The proof-of-concept device cures resin into solid arbitrary shapes in seconds without the use of any moving parts.

Norbert Sparrow

June 10, 2024

2 Min Read
chip-based 3D printer
MIT/Sampson Wilcox, RLE

Every once in a while, a technology comes along that seems like it’s been beamed down from the land of holodecks and dilithium crystals. A 3D printer that fits in the palm of your hand and produces solid shapes from a resin via steerable rays of light falls into that category for me.

Researchers from MIT and the University of Texas at Austin have developed a proof-of-concept chip-based 3D printer that is about the size of a quarter. It could rapidly print custom, low-cost medical components or, more prosaically, a fastener to repair a wobbly bicycle wheel on the go. A paper describing the research was published in Nature Light Science and Applications on June 6, 2024.

How it works.

The device consists of a millimeter-scale photonic chip that projects a beam of light through tiny optical antennas into a well of liquid resin that rapidly cures when exposed to the beam’s wavelength of visible light. Arbitrary two-dimensional patterns are then printed within seconds and without the use of any moving parts, according to an article by Adam Zewe in MIT News. The breakthrough was achieved by an interdisciplinary research team with expertise in silicon photonics and photochemistry.

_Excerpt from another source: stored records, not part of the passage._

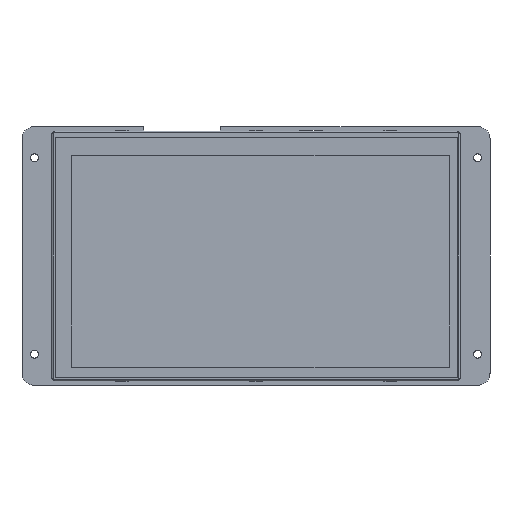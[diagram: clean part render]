
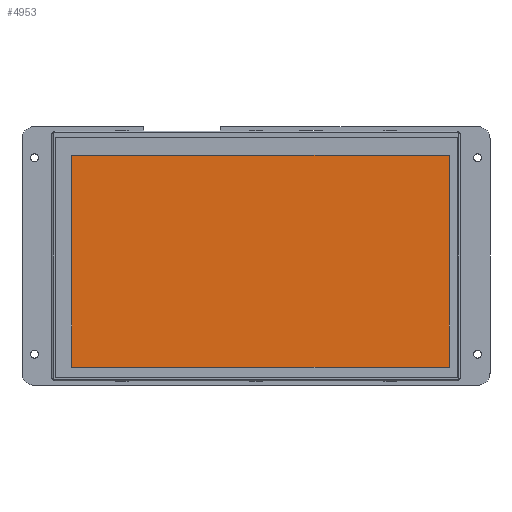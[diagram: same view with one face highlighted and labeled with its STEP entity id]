
A CAD part, front view. The second image highlights one B-rep face of the part: STEP entity #4953.
In plain terms, the highlighted planar face has unit normal (0, -1, 0) as drawn and (0, 1, 0) by its records, which use the part's own axes.
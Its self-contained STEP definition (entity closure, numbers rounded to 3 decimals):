
#131 = EDGE_CURVE ( 'NONE', #8940, #13647, #9133, .T. ) ;
#289 = AXIS2_PLACEMENT_3D ( 'NONE', #8053, #8040, #7928 ) ;
#1645 = VECTOR ( 'NONE', #2747, 1000. ) ;
#1786 = FACE_OUTER_BOUND ( 'NONE', #2841, .T. ) ;
#2097 = CARTESIAN_POINT ( 'NONE',  ( 3.52, 1.4, -93.67 ) ) ;
#2143 = VECTOR ( 'NONE', #11800, 1000. ) ;
#2346 = EDGE_CURVE ( 'NONE', #13496, #8940, #16260, .T. ) ;
#2747 = DIRECTION ( 'NONE',  ( 0., 0., 1. ) ) ;
#2841 = EDGE_LOOP ( 'NONE', ( #4308, #11920, #17676, #8585 ) ) ;
#3011 = CARTESIAN_POINT ( 'NONE',  ( 3.52, 1.4, -93.67 ) ) ;
#4058 = CARTESIAN_POINT ( 'NONE',  ( 3.52, 1.4, -7.49 ) ) ;
#4308 = ORIENTED_EDGE ( 'NONE', *, *, #131, .T. ) ;
#4953 = ADVANCED_FACE ( 'NONE', ( #1786 ), #8415, .F. ) ;
#5254 = VECTOR ( 'NONE', #13733, 1000. ) ;
#5295 = LINE ( 'NONE', #4058, #1645 ) ;
#6251 = CARTESIAN_POINT ( 'NONE',  ( 157.2, 1.4, -7.49 ) ) ;
#7928 = DIRECTION ( 'NONE',  ( 0., 0., -1. ) ) ;
#8040 = DIRECTION ( 'NONE',  ( 0., -1., 0. ) ) ;
#8053 = CARTESIAN_POINT ( 'NONE',  ( 0., 1.4, 0. ) ) ;
#8142 = CARTESIAN_POINT ( 'NONE',  ( 3.52, 1.4, -7.49 ) ) ;
#8415 = PLANE ( 'NONE',  #289 ) ;
#8585 = ORIENTED_EDGE ( 'NONE', *, *, #2346, .T. ) ;
#8940 = VERTEX_POINT ( 'NONE', #6251 ) ;
#9133 = LINE ( 'NONE', #10238, #12322 ) ;
#9323 = VERTEX_POINT ( 'NONE', #3011 ) ;
#10238 = CARTESIAN_POINT ( 'NONE',  ( 157.2, 1.4, -93.67 ) ) ;
#10628 = DIRECTION ( 'NONE',  ( 0., 0., -1. ) ) ;
#11035 = CARTESIAN_POINT ( 'NONE',  ( 157.2, 1.4, -7.49 ) ) ;
#11454 = CARTESIAN_POINT ( 'NONE',  ( 157.2, 1.4, -93.67 ) ) ;
#11800 = DIRECTION ( 'NONE',  ( -1., 0., 0. ) ) ;
#11920 = ORIENTED_EDGE ( 'NONE', *, *, #17674, .T. ) ;
#12322 = VECTOR ( 'NONE', #10628, 1000. ) ;
#13496 = VERTEX_POINT ( 'NONE', #8142 ) ;
#13647 = VERTEX_POINT ( 'NONE', #11454 ) ;
#13733 = DIRECTION ( 'NONE',  ( 1., 0., 0. ) ) ;
#14014 = EDGE_CURVE ( 'NONE', #9323, #13496, #5295, .T. ) ;
#16260 = LINE ( 'NONE', #11035, #5254 ) ;
#16366 = LINE ( 'NONE', #2097, #2143 ) ;
#17674 = EDGE_CURVE ( 'NONE', #13647, #9323, #16366, .T. ) ;
#17676 = ORIENTED_EDGE ( 'NONE', *, *, #14014, .T. ) ;

Jelena Notaros, the Robert J. Shillman Career Development Professor in Electrical Engineering and Computer Science (EECS) at MIT and senior author of the paper, along with her team, had previously developed integrated optical-phased-array systems that steer beams of light using microscale antennas fabricated on a chip using semiconductor manufacturing processes. This technology is used in lidar-based remote sensing systems in autonomous vehicles, for example.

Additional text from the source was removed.